Just wondered if any members off here are at the Thoresby Hall classic car bike and mini show tomorrow on Monday 6th of may?i did a couple of shows at this venue last yr and they were all good days out with plenty of variety of cars and vehicles to see,I'm gonna be there tomorrow with my xr and a few of the escort cabby owners club:thumb:


----------



## mattsbmw (Jul 20, 2008)

yes i will be there, in my old capri


----------



## 2iturbo (May 2, 2013)

At least somebody off here is going then :thumb: is it the Capri in your siggy?
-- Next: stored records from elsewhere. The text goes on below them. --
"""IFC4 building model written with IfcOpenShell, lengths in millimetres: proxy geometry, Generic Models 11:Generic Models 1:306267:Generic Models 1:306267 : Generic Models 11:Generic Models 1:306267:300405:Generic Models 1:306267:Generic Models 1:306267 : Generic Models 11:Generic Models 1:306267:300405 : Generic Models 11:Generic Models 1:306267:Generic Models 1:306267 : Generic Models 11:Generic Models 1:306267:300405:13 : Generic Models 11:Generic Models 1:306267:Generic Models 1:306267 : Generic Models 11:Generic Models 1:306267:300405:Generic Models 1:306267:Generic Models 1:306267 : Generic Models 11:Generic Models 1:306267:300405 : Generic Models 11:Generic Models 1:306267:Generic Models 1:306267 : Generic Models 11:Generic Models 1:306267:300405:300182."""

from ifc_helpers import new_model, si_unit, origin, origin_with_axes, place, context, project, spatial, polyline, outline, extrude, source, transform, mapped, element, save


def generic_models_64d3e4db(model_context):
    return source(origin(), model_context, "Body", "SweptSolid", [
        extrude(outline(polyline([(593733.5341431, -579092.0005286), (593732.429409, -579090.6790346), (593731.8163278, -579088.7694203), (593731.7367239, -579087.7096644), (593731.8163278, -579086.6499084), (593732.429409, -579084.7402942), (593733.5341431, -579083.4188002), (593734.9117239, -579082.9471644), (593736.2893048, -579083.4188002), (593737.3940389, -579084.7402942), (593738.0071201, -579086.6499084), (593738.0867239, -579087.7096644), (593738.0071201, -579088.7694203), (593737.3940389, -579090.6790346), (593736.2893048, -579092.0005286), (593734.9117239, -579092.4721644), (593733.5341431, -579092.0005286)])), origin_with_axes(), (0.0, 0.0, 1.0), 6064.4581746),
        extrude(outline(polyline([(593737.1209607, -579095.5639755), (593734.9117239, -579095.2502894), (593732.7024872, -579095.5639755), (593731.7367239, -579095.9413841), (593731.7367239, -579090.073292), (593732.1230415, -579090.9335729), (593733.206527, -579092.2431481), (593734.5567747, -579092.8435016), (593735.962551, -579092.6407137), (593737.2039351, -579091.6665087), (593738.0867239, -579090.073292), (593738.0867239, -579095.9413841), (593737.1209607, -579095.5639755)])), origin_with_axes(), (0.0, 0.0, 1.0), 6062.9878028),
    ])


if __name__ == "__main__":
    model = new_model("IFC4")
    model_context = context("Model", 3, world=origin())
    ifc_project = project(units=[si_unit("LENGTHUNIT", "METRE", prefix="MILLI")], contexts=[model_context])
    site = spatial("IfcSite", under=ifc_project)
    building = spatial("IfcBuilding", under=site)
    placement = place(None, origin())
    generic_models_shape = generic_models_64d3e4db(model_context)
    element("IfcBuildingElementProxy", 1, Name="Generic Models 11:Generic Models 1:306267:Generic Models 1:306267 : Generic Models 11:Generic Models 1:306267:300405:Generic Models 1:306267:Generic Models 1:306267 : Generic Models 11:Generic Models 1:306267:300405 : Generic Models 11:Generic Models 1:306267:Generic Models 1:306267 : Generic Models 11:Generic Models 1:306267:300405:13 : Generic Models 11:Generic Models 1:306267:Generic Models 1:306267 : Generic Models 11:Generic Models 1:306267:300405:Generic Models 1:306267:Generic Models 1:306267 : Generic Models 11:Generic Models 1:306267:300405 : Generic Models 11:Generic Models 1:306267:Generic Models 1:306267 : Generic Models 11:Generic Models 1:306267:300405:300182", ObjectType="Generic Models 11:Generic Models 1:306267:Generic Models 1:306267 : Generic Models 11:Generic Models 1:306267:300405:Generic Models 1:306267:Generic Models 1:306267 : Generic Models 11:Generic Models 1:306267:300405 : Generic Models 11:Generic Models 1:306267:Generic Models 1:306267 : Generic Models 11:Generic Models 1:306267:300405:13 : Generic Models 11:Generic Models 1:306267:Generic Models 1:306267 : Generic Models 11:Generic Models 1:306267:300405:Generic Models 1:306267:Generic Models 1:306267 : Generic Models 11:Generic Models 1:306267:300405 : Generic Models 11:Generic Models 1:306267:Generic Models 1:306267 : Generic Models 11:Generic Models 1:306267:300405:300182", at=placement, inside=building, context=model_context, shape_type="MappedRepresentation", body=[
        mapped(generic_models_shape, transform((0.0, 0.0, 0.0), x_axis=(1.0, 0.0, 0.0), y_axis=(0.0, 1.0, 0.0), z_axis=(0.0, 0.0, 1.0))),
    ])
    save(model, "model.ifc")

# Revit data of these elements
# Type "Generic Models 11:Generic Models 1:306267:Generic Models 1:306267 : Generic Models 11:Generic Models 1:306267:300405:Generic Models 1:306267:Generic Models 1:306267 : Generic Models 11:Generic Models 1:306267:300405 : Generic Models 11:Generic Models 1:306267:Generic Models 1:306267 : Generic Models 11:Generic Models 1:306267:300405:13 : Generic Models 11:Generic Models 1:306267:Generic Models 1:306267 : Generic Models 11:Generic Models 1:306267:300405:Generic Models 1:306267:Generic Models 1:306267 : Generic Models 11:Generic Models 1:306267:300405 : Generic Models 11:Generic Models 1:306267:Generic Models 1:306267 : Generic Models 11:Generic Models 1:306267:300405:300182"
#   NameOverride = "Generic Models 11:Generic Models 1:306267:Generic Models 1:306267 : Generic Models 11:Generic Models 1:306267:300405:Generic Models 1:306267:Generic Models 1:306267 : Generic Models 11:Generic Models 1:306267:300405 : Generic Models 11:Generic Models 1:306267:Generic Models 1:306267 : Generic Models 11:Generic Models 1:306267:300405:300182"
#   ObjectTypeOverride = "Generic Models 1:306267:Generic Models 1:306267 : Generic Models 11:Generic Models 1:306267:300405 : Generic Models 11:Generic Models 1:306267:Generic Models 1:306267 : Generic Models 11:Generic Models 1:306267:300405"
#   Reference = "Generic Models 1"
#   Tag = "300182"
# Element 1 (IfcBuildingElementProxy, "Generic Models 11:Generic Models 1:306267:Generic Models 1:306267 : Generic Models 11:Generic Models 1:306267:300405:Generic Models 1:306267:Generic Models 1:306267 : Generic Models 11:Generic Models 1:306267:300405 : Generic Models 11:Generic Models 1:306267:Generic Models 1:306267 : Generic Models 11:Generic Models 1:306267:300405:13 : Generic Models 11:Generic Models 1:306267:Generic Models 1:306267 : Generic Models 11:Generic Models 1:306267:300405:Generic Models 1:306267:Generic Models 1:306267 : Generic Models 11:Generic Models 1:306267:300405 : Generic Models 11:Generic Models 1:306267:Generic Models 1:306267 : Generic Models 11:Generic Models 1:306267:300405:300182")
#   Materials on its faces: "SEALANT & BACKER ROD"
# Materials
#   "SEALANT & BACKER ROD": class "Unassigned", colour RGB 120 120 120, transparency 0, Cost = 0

Il keep my eyes peeled for it she looks nice, fairly decent weather forecast for tomorrow so will hopefully be a good turn out tomorrow, there's a few of us from Hull going down.


----------



## mattsbmw (Jul 20, 2008)

2iturbo said:


> At least somebody off here is going then :thumb: is it the Capri in your siggy? Il keep my eyes peeled for it she looks nice, fairly decent weather forecast for tomorrow so will hopefully be a good turn out tomorrow, there's a few of us from Hull going down.


It is indeed, you wont miss it as it will be parked next to a le mans green mk 1 escort


----------